Structure: Perception → Planning → Execution → (optional Memory) → repeat
Use Cases:
- Simple agents with limited scope (e.g., weather assistant, currency converter)
- One-off task executors like form fillers or summarizers
Pros:
- Easy to implement and debug
- Low overhead, good for latency-sensitive applications
Cons:
- Poor modularity
- No verification or error correction
- Hard to scale beyond basic use cases
Planner–Executor–Verifier (PEV)
A modular agent architecture where responsibilities are separated into planning, execution, and verification components. Like a writer (planner), an assistant (executor), and an editor (verifier) working together.
Structure: Planner → Executor → Verifier → Feedback (loop)
Use Cases:
- Knowledge retrieval with citation validation
- Code generation with test execution and verification
- Research assistants that require output quality control
Pros:
- High assurance and correctness
- Easier to extend or fine-tune components independently
- Can apply reflection or retry logic
Cons:
- Slower due to extra verification steps
- More complex to design and maintain
Hierarchical Supervisor
A multi-agent setup where a top-level supervisor agent delegates tasks to sub-agents, each responsible for a specialized domain or workflow segment. Like a project manager assigning tasks to a team of experts.
Structure:
Supervisor Agent
├── Sub-Agent A (e.g., Search)
├── Sub-Agent B (e.g., Write)
├── Sub-Agent C (e.g., Verify)
Use Cases:
- Complex workflows (e.g., customer support, software troubleshooting)

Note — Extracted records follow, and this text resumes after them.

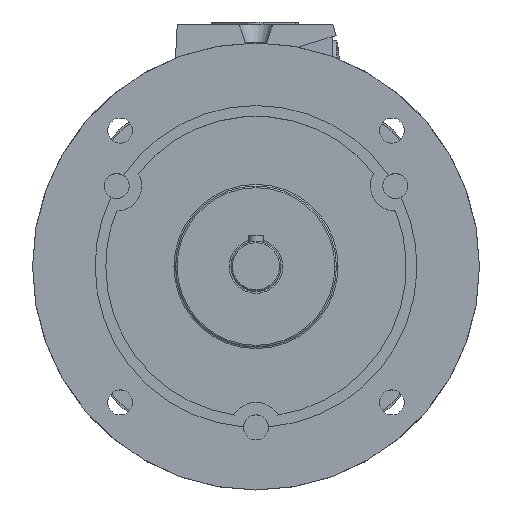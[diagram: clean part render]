
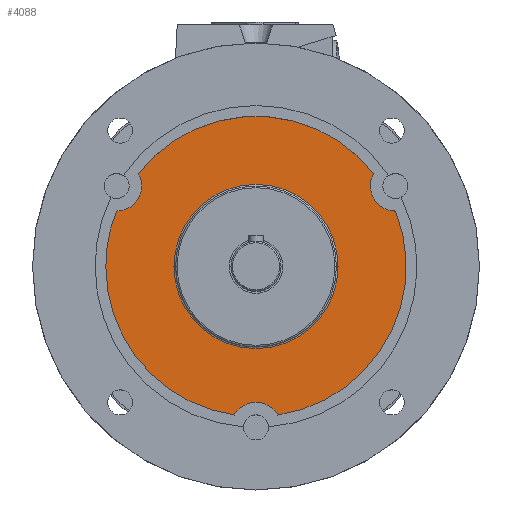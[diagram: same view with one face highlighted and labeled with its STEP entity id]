
A CAD part, top view. The second image highlights one B-rep face of the part: STEP entity #4088.
In plain terms, the highlighted planar face has unit normal (0, 0, 1).
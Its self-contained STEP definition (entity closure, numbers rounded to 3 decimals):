
#48 = VERTEX_POINT ( 'NONE', #2795 ) ;
#460 = AXIS2_PLACEMENT_3D ( 'NONE', #522, #13477, #9664 ) ;
#478 = DIRECTION ( 'NONE',  ( 0., 0., -1. ) ) ;
#515 = CARTESIAN_POINT ( 'NONE',  ( -45.9, 0., 48. ) ) ;
#522 = CARTESIAN_POINT ( 'NONE',  ( 0., -90., 48. ) ) ;
#602 = EDGE_CURVE ( 'NONE', #8298, #1873, #3130, .T. ) ;
#1589 = DIRECTION ( 'NONE',  ( 1., 0., 0. ) ) ;
#1841 = CARTESIAN_POINT ( 'NONE',  ( 45.9, 0., 48. ) ) ;
#1873 = VERTEX_POINT ( 'NONE', #1841 ) ;
#2005 = AXIS2_PLACEMENT_3D ( 'NONE', #11118, #7140, #3173 ) ;
#2291 = CARTESIAN_POINT ( 'NONE',  ( -63.942, 45., 48. ) ) ;
#2364 = AXIS2_PLACEMENT_3D ( 'NONE', #4593, #9868, #1589 ) ;
#2433 = DIRECTION ( 'NONE',  ( 0., 0., -1. ) ) ;
#2605 = EDGE_CURVE ( 'NONE', #5280, #4660, #5020, .T. ) ;
#2795 = CARTESIAN_POINT ( 'NONE',  ( -84., 0., 48. ) ) ;
#3001 = CARTESIAN_POINT ( 'NONE',  ( -77.942, 45., 48. ) ) ;
#3028 = EDGE_CURVE ( 'NONE', #5280, #12714, #13613, .T. ) ;
#3090 = ORIENTED_EDGE ( 'NONE', *, *, #10736, .T. ) ;
#3130 = CIRCLE ( 'NONE', #15845, 45.9 ) ;
#3173 = DIRECTION ( 'NONE',  ( 1., 0., 0. ) ) ;
#3370 = ORIENTED_EDGE ( 'NONE', *, *, #6930, .T. ) ;
#3417 = DIRECTION ( 'NONE',  ( 0., 0., -1. ) ) ;
#3585 = CARTESIAN_POINT ( 'NONE',  ( 12.188, -83.111, 48. ) ) ;
#3938 = PLANE ( 'NONE',  #8347 ) ;
#3997 = EDGE_CURVE ( 'NONE', #5758, #48, #8908, .T. ) ;
#4088 = ADVANCED_FACE ( 'NONE', ( #16905, #6523 ), #3938, .T. ) ;
#4423 = DIRECTION ( 'NONE',  ( -1., 0., 0. ) ) ;
#4593 = CARTESIAN_POINT ( 'NONE',  ( 77.942, 45., 48. ) ) ;
#4660 = VERTEX_POINT ( 'NONE', #2291 ) ;
#4857 = CIRCLE ( 'NONE', #460, 14. ) ;
#5020 = CIRCLE ( 'NONE', #2005, 14. ) ;
#5247 = EDGE_CURVE ( 'NONE', #1873, #8298, #13355, .T. ) ;
#5280 = VERTEX_POINT ( 'NONE', #13258 ) ;
#5565 = CARTESIAN_POINT ( 'NONE',  ( 0., 0., 48. ) ) ;
#5758 = VERTEX_POINT ( 'NONE', #13988 ) ;
#6234 = DIRECTION ( 'NONE',  ( -1., 0., 0. ) ) ;
#6348 = CARTESIAN_POINT ( 'NONE',  ( 0., 84., 48. ) ) ;
#6523 = FACE_BOUND ( 'NONE', #15395, .T. ) ;
#6587 = EDGE_CURVE ( 'NONE', #13531, #12714, #9541, .T. ) ;
#6603 = DIRECTION ( 'NONE',  ( 0., 0., 1. ) ) ;
#6763 = CIRCLE ( 'NONE', #9258, 84. ) ;
#6930 = EDGE_CURVE ( 'NONE', #5758, #9786, #4857, .T. ) ;
#7140 = DIRECTION ( 'NONE',  ( 0., 0., -1. ) ) ;
#7177 = DIRECTION ( 'NONE',  ( 0., 0., -1. ) ) ;
#7392 = CARTESIAN_POINT ( 'NONE',  ( 0., 0., 48. ) ) ;
#7533 = AXIS2_PLACEMENT_3D ( 'NONE', #7392, #3417, #11280 ) ;
#7655 = VERTEX_POINT ( 'NONE', #8803 ) ;
#7656 = ORIENTED_EDGE ( 'NONE', *, *, #2605, .T. ) ;
#8085 = ORIENTED_EDGE ( 'NONE', *, *, #5247, .T. ) ;
#8257 = CIRCLE ( 'NONE', #15161, 84. ) ;
#8298 = VERTEX_POINT ( 'NONE', #515 ) ;
#8332 = ORIENTED_EDGE ( 'NONE', *, *, #13472, .F. ) ;
#8347 = AXIS2_PLACEMENT_3D ( 'NONE', #6348, #6603, #9207 ) ;
#8679 = EDGE_CURVE ( 'NONE', #13531, #9786, #6763, .T. ) ;
#8803 = CARTESIAN_POINT ( 'NONE',  ( -78.07, 31.001, 48. ) ) ;
#8908 = CIRCLE ( 'NONE', #15252, 84. ) ;
#9122 = EDGE_LOOP ( 'NONE', ( #12111, #10956, #7656, #3090, #8332, #17033, #3370, #15492 ) ) ;
#9207 = DIRECTION ( 'NONE',  ( 1., 0., 0. ) ) ;
#9258 = AXIS2_PLACEMENT_3D ( 'NONE', #14277, #2433, #6234 ) ;
#9541 = CIRCLE ( 'NONE', #2364, 14. ) ;
#9664 = DIRECTION ( 'NONE',  ( 1., 0., 0. ) ) ;
#9737 = DIRECTION ( 'NONE',  ( 1., 0., 0. ) ) ;
#9786 = VERTEX_POINT ( 'NONE', #3585 ) ;
#9868 = DIRECTION ( 'NONE',  ( 0., 0., -1. ) ) ;
#9945 = DIRECTION ( 'NONE',  ( 0., 0., -1. ) ) ;
#10736 = EDGE_CURVE ( 'NONE', #4660, #7655, #11997, .T. ) ;
#10956 = ORIENTED_EDGE ( 'NONE', *, *, #3028, .F. ) ;
#11118 = CARTESIAN_POINT ( 'NONE',  ( -77.942, 45., 48. ) ) ;
#11280 = DIRECTION ( 'NONE',  ( -1., 0., 0. ) ) ;
#11717 = DIRECTION ( 'NONE',  ( 0., 0., -1. ) ) ;
#11802 = CARTESIAN_POINT ( 'NONE',  ( 0., 0., 48. ) ) ;
#11997 = CIRCLE ( 'NONE', #15596, 14. ) ;
#12045 = DIRECTION ( 'NONE',  ( -1., 0., 0. ) ) ;
#12111 = ORIENTED_EDGE ( 'NONE', *, *, #6587, .T. ) ;
#12714 = VERTEX_POINT ( 'NONE', #16170 ) ;
#12843 = DIRECTION ( 'NONE',  ( -1., 0., 0. ) ) ;
#12950 = DIRECTION ( 'NONE',  ( -1., 0., 0. ) ) ;
#13067 = AXIS2_PLACEMENT_3D ( 'NONE', #5565, #478, #12045 ) ;
#13258 = CARTESIAN_POINT ( 'NONE',  ( -65.882, 52.111, 48. ) ) ;
#13355 = CIRCLE ( 'NONE', #13067, 45.9 ) ;
#13472 = EDGE_CURVE ( 'NONE', #48, #7655, #8257, .T. ) ;
#13477 = DIRECTION ( 'NONE',  ( 0., 0., -1. ) ) ;
#13531 = VERTEX_POINT ( 'NONE', #13845 ) ;
#13613 = CIRCLE ( 'NONE', #7533, 84. ) ;
#13845 = CARTESIAN_POINT ( 'NONE',  ( 78.07, 31.001, 48. ) ) ;
#13988 = CARTESIAN_POINT ( 'NONE',  ( -12.188, -83.111, 48. ) ) ;
#14277 = CARTESIAN_POINT ( 'NONE',  ( 0., 0., 48. ) ) ;
#15161 = AXIS2_PLACEMENT_3D ( 'NONE', #16445, #7177, #4423 ) ;
#15252 = AXIS2_PLACEMENT_3D ( 'NONE', #11802, #11717, #12843 ) ;
#15395 = EDGE_LOOP ( 'NONE', ( #16126, #8085 ) ) ;
#15492 = ORIENTED_EDGE ( 'NONE', *, *, #8679, .F. ) ;
#15596 = AXIS2_PLACEMENT_3D ( 'NONE', #3001, #16326, #9737 ) ;
#15845 = AXIS2_PLACEMENT_3D ( 'NONE', #16854, #9945, #12950 ) ;
#16126 = ORIENTED_EDGE ( 'NONE', *, *, #602, .T. ) ;
#16170 = CARTESIAN_POINT ( 'NONE',  ( 65.882, 52.111, 48. ) ) ;
#16326 = DIRECTION ( 'NONE',  ( 0., 0., -1. ) ) ;
#16445 = CARTESIAN_POINT ( 'NONE',  ( 0., 0., 48. ) ) ;
#16854 = CARTESIAN_POINT ( 'NONE',  ( 0., 0., 48. ) ) ;
#16905 = FACE_OUTER_BOUND ( 'NONE', #9122, .T. ) ;
#17033 = ORIENTED_EDGE ( 'NONE', *, *, #3997, .F. ) ;

- Multi-modal tasks (e.g., combining visual, textual, and code outputs)
- DevOps or business process orchestration
Pros:
- High scalability and reusability
- Enables specialization (sub-agents can be domain-specific)
- Parallelization and modular retry
Cons:
- Harder to coordinate and monitor
- Requires robust communication between agents
- Latency and resource overhead increase
Reflexive / Meta-Agent
An advanced form where an agent observes and improves its own behavior over time, potentially adjusting its planning or reasoning logic dynamically. Like a person reflecting on their work habits and improving over time.
Use Cases:
- Agents that evolve with usage (self-learning)
- Systems that tune their own prompts or tool strategies
- Research assistants that adapt based on result quality
Pros:
- Strong adaptability
- Ideal for experimentation and iterative learning
Cons:
- Complex, harder to debug
- Risk of unintended behavior if not constrained
Choose Your Framework
After you’ve done the architectural thinking—defining how your agent thinks, how it functions, and how it’s structured—it’s time to choose a framework to support your implementation.
Friendly advice:
- Start with your design → then pick a tool.
- Don’t force your architecture to fit a framework’s mold.
- For simple agents, consider starting without a framework, then add one only when needed.
Example
- Design: ReAct-style agent with long-term memory and verification
- Architecture: Planner → Executor → Verifier
- Tools Needed: Search tool, calculator, knowledge base
- Framework fit: Use LangChain with ReAct + custom tool integrations + a Verifier step.